Я застал в круге Сахарова Евгению Эммануиловну Печуру. До Второй мировой войны она была членом партии, попала в госпиталь, где директором был Снежневский. И рассказывала, что если на ежедневном обходе тот узнавал, что кто-то из врачей или персонала обидел больного, тут же отправлял обидчика на Восточный фронт. Не разбираясь, не вникая. А потом она была в круге Сахарова, а Снежневский был в совершенно другом месте.

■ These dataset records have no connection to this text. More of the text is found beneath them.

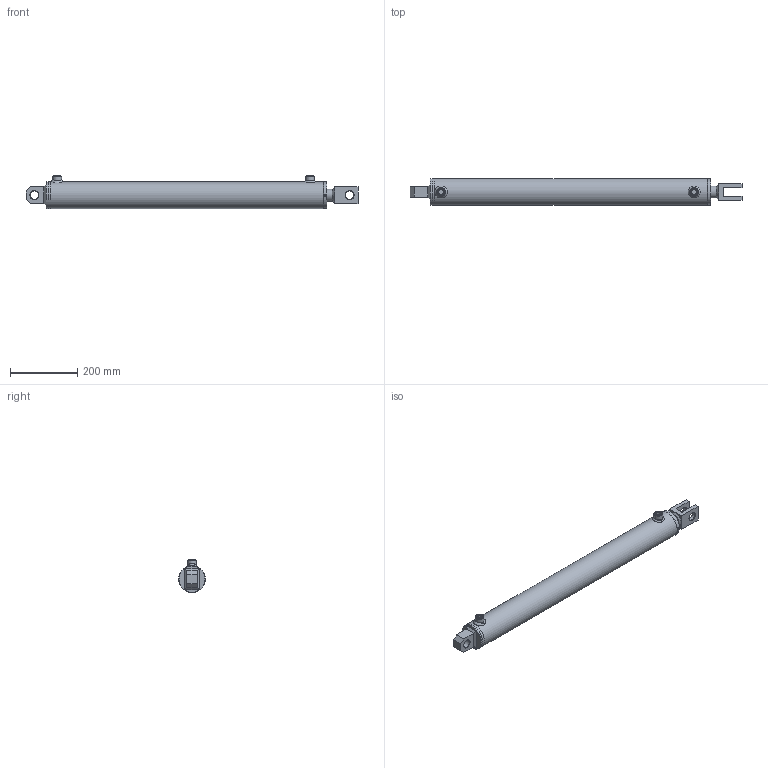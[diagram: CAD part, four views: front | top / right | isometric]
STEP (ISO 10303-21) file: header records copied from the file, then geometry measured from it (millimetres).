
FILE_DESCRIPTION( ( 'Unknown' ), '1' );
FILE_NAME( 'E:/LIBRERIA_3d/CILINDRI/HM5/HM54350700.stp', 'Unknown', ( 'Unknown' ), ( 'Unknown' ), 'PSStep 17.0.49', 'Unknown', ' ' );
FILE_SCHEMA( ( 'AUTOMOTIVE_DESIGN { 1 0 10303 214 1 1 1 1 }' ) );
Length unit declared in the file: millimetre
Products named in the file (28): STL4500700-oa7; Saldatura d'angolo 1-oa5; FTM4500800-oa6; CBSC220600; CT00070020; CG08007035; HM04350700; Saldatura con preparazione 1-oa3; Saldatura d'angolo 1-oa4; CF00070080; CBS0600000; APG0600000; CDA0002015; SBL3530700; Assem1; CFS0000025; COF2500000; Saldatura con preparazione 1-oa0; Saldatura d'angolo 1-oa1; Saldatura d'angolo 2-oa2
Assembly tree (20 placements, depth 4):
  Saldatura d'angolo 1-oa5
  Saldatura d'angolo 1-oa5
  Saldatura d'angolo 1-oa4
  Saldatura d'angolo 1-oa4
  Assem1
    CFS0000025
    COF2500000
    Saldatura con preparazione 1-oa0
    Saldatura con preparazione 1-oa0
    HM04350700
      Saldatura con preparazione 1-oa3
      Saldatura con preparazione 1-oa3
      CF00070080
      CBS0600000
      APG0600000  x2
      CDA0002015
      SBL3530700
      CG08007035
        CG08007035
      CT00070020
        CT00070020
      STL4500700-oa7
        FTM4500800-oa6
        CBSC220600
Bounding box: 990 x 80 x 99 mm (x, y, z)
Volume: 2260491.1 mm3; surface area: 621347.2 mm2
Topology: 24 solids, 24 shells, 260 faces, 549 edges, 344 vertices
Faces by surface type: plane 98, cylinder 66, cone 47, torus 37, bspline 12
Full cylindrical faces by diameter (mm): 4.25 x3, 5 x2, 6 x2, 7 x2, 14.95 x2, 16 x2, 16.6 x2, 19.4 x1, 20 x5, 22 x2, 24.5 x1, 25.25 x3, 26 x2, 30 x1, 35 x8, 37 x1, 38 x1, 43.6 x1, 45 x1, 50 x1, 64.18 x2, 65 x1, 68.34 x2, 69.9 x1, 70 x1, 70.3 x1, 70.5 x1, 70.6 x1, 71 x1, 72 x3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
Entity records: 11450 total; most frequent: CARTESIAN_POINT 4599, DIRECTION 1036, ORIENTED_EDGE 644, AXIS2_PLACEMENT_3D 464, EDGE_LOOP 454, FACE_OUTER_BOUND 357, EDGE_CURVE 322, VERTEX_POINT 283

Несколько лет назад мне рассказал генерал КГБ, которые в 1970-е был младшим офицером, фамилию не буду называть, что «вялотекущая шизофрения» как способ репрессии была изобретением группы Андропова. Сказал, что была специальная закрытая инструкция.
Когда мы из зоны посмели сказать «нет», это произвело огромное впечатление. Потому что дело Григоренко – это дело одного человека. Здесь же другая психологическая ситуация, массовые репрессии, западные психиатры увидели весь ужас происходящего в СССР.
Что вы можете сказать о Лунце и Снежневском?
Я встречался с многими психиатрами, и всегда задавал им вопрос: кто такой Снежневский? Это был человек, вначале по крайней мере, профессионально нравственной позиции. Это был человек, превосходно знающий психиатрию. И признававшийся западными психиатрами как коллега. Да, над ним посмеивались – все знали, что диагноз будет поставлен: «вялотекущая шизофрения». Люди, которые работали со Снежневским, рассказывали о высочайшем интеллекте, жестком характере, нетерпимости к дуракам. По видимому, Андрей Владимирович был антисемитом, по-видимому, скрытым.
Когда произошел слом, никто не может ответить. Сначала он был директором Института Сербского, потом стал главным гауляйтером советской психиатрии. Люди, которые знали его близко, написали книгу воспоминаний о нем и попросили ее пока не публиковать. Это удивительный текст, написанный с любовью, с почтением и разоблачением. Так, наверное и надо писать книжки.
Как западный мир относился к советской практике карательной психиатрии?
Кто-то не верил, кто-то делал карьеру, кто-то хотел общаться с советскими коллегами – по-разному.
Но потом появились люди, выжившие. Плющ, который за четыре года интенсивного лечения в Днепропетровской психиатрической больнице стал овощем. Его вырвала компартия Франции. Когда его воссоединили в поезде с семьей, с ним были проблемы.
Меня беспокоит другое, выжившие не оставляют воспоминаний. Они боятся воспоминаний, боятся не СБУ – себя.
Кто-нибудь из руководителей советской медицины покаялся за эту практику?
Один из министров, их было множество у нас, должен был бы сказать: это было. Ужасно, что это было. Это никогда не повторится. Это не проблема коррупции, это проблема нравственного императива.
Я президент ассоциации психиатров, я дважды выступал в академии СБУ, выступал перед девочками, мальчиками, студентами, и я их не обманывал, я рассказывал о том, что их учителя вытворяли в те времена. Для меня это было вершиной моей биографии. Я выступал в Конгрессе США, но вот это – было самым важным.